Pour comprendre la profondeur de son dernier spectacle, Le réveil (Il risveglio), il est essentiel de dire quelques mots sur la compagnie de Pippo Delbono et sur la singularité de sa poétique théâtrale. Le théâtre de Pippo Delbono est, comme l’a défini Baptiste Pizzinat, « tout lieu de vie où nous pouvons trouver le courage de nous regarder les uns les autres ». Dans un monde « où tout est fiction : la politique, la société, la mode, la télévision… », Delbono s’efforce, selon ses propres mots, de révéler « la vie dans le théâtre ». En collaborant avec des acteurs atypiques, souvent marqués par des défis sociaux ou des problèmes de santé, il explore et met en scène des formes inédites de création théâtrale, cherchant à découvrir, au cœur même de la douleur, une énergie vitale extraordinaire. Cette approche pourrait résonner avec la notion de théâtre de la cruauté d’Antonin Artaud, pour qui le théâtre « ne vaut que par son lien magique et terrifiant avec la réalité et le danger ».
Le spectacle s’ouvre avec une vidéo de la chanteuse italienne Ornella Vanoni et sa chanson Domani è un altro giorno (Demain est un autre jour). Cette chanson accompagne symboliquement le message de Delbono : chaque jour est une renaissance, une nouvelle chance. Le réveil, c’est celui du théâtre, mais aussi celui de la vie.

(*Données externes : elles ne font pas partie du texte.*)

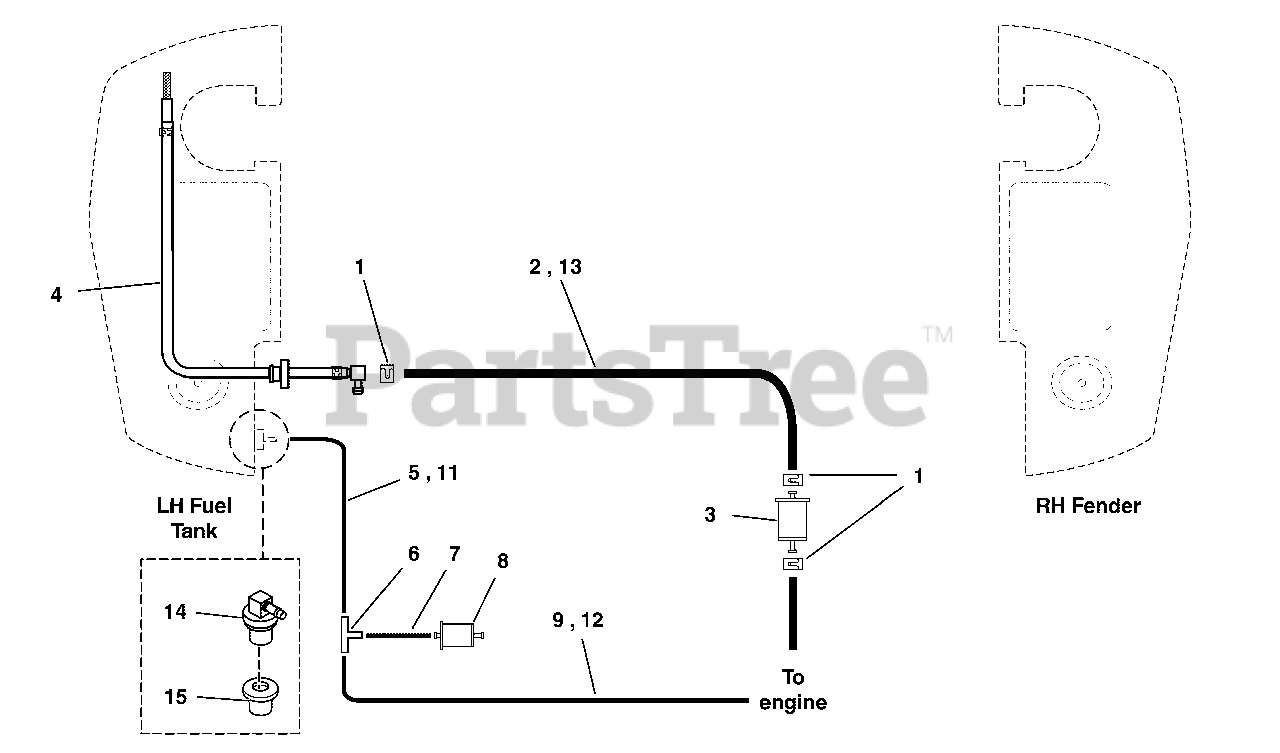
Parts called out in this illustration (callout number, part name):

Dans le prologue, Pippo se livre sans filtre. Il parle de lui-même, de son théâtre, et de cette création. Il confie s’être senti perdu, comme enfermé dans un réfrigérateur pendant des mois. Lorsqu’il en est sorti, il a découvert les marques du temps sur lui, mais jamais il n’a perdu l’envie de créer. « Je ne veux pas abandonner le théâtre », affirme-t-il avec conviction. Delbono ne cache pas l’intensité de ses luttes personnelles. Il se réfère souvent à une phrase qui résume sa vision du théâtre : « Le théâtre est une lutte contre la mort et il faut partir de la mort pour aller vers la vie ». Cette idée, déjà présente dans Après la bataille (Dopo la battaglia, 2011), trouve son prolongement dans Réveil.

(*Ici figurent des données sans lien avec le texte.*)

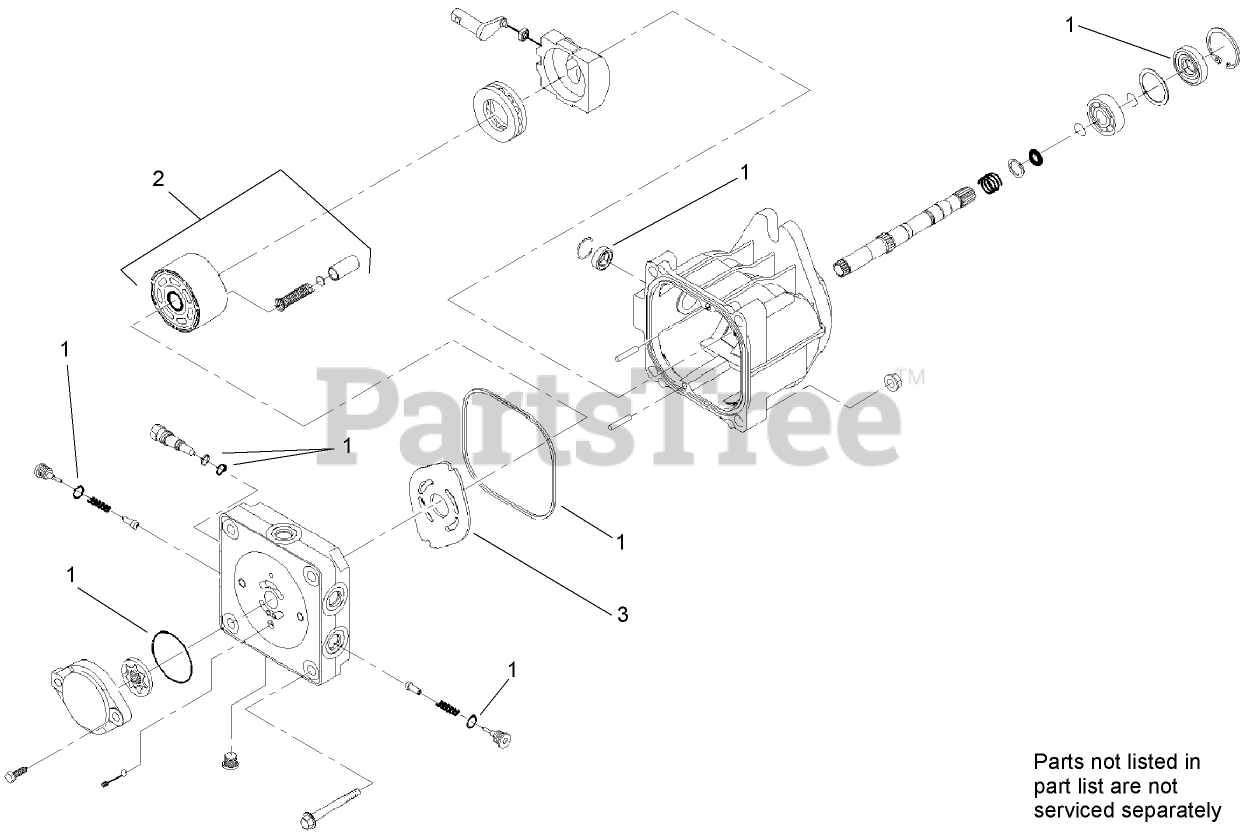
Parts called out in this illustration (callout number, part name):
1	OVERHAUL SEAL KIT
2	CYLINDER BLOCK ASM
3	PLATE-VALVE

Dans Après la bataille, un spectacle explorant l’hypocrisie politique et culturelle, les conflits intérieurs et extérieurs, ainsi que la folie, il déclarait : « Je suis satisfait, je vois, je danse, je ris, je chante. » Et il continue, inlassablement. Pourtant, dans ce spectacle, une pensée le hante : la peur de la vie, la crainte de voir son esprit s’éteindre, ou de perdre la légèreté de ses mouvements. Réveil devient alors sa réponse à ces angoisses, une quête pour poursuivre ce qui donne sens : danser, rire, chanter. « Dansons, sinon nous sommes perdus », disait la chorégraphe allemande Pina Bausch, une figure inspirante pour Delbono et un écho puissant à sa propre démarche artistique.

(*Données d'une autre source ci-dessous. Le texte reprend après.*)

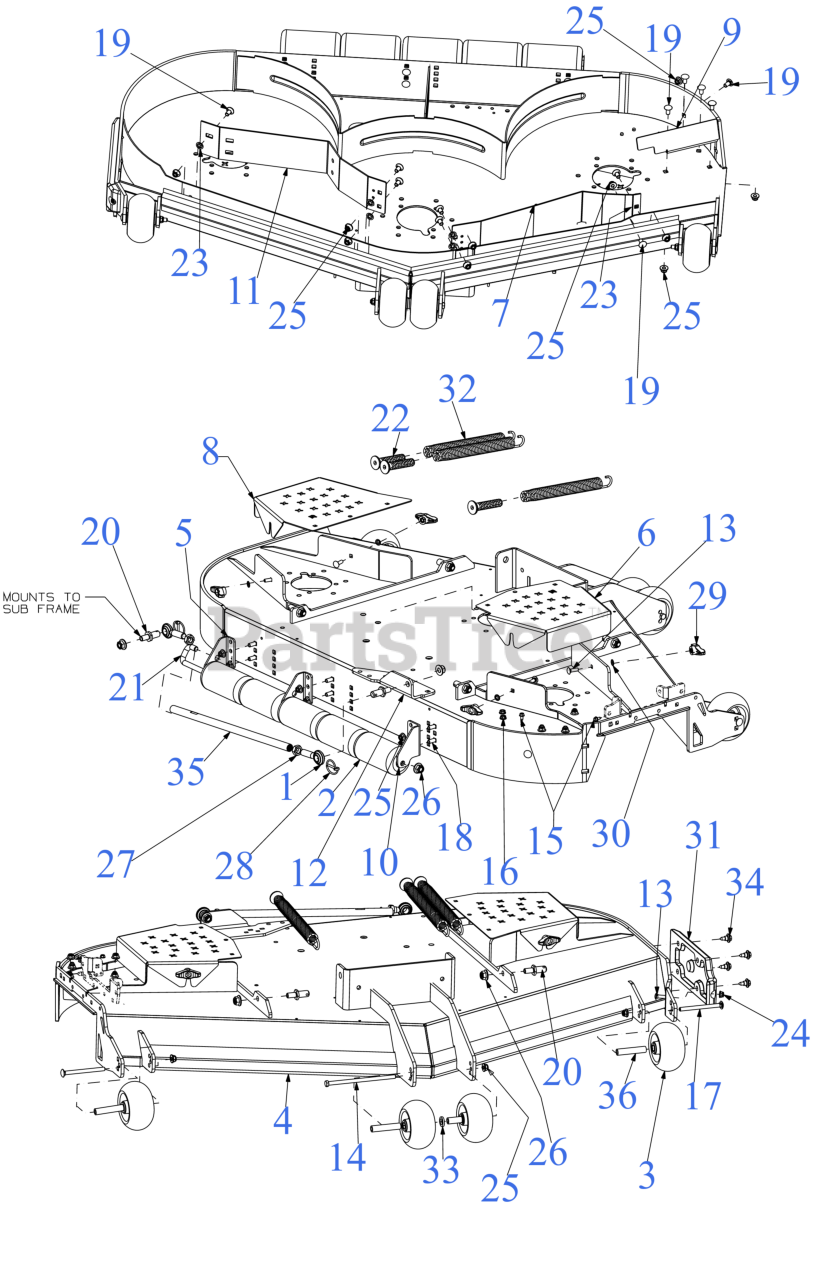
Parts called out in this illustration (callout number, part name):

Tout au long du spectacle, Delbono est souvent seul sur scène. Ce n’est que dans la dernière partie du spectacle que les acteurs de sa compagnie font leur apparition, se mettant à danser. Ces acteurs, qu’il présente un à un, ne sont pas de simples figurants : ils incarnent l’histoire du théâtre de Delbono et son cheminement. La relation intime qu’il entretient avec eux, notamment avec Bobò, est fondamentale. Dans Gioia (2019), spectacle créé en hommage à Bobò, Delbono évoque la coexistence de deux émotions contradictoires : la joie et la tristesse. Mais cette tristesse, loin d’être un fardeau, est essentielle pour accéder à la profondeur de son art. Dans Gioia, Delbono raconte que sa mère lui demandait souvent pourquoi il ne créait pas de spectacles joyeux. Et pourtant, dans ses créations les plus sombres, la joie est toujours présente, palpable. Elle émane de ses personnages, de ses acteurs, et de Bobò, acteur clé de sa compagnie, un homme sourd, muet et atteint de microcéphalie, décédé en 2019.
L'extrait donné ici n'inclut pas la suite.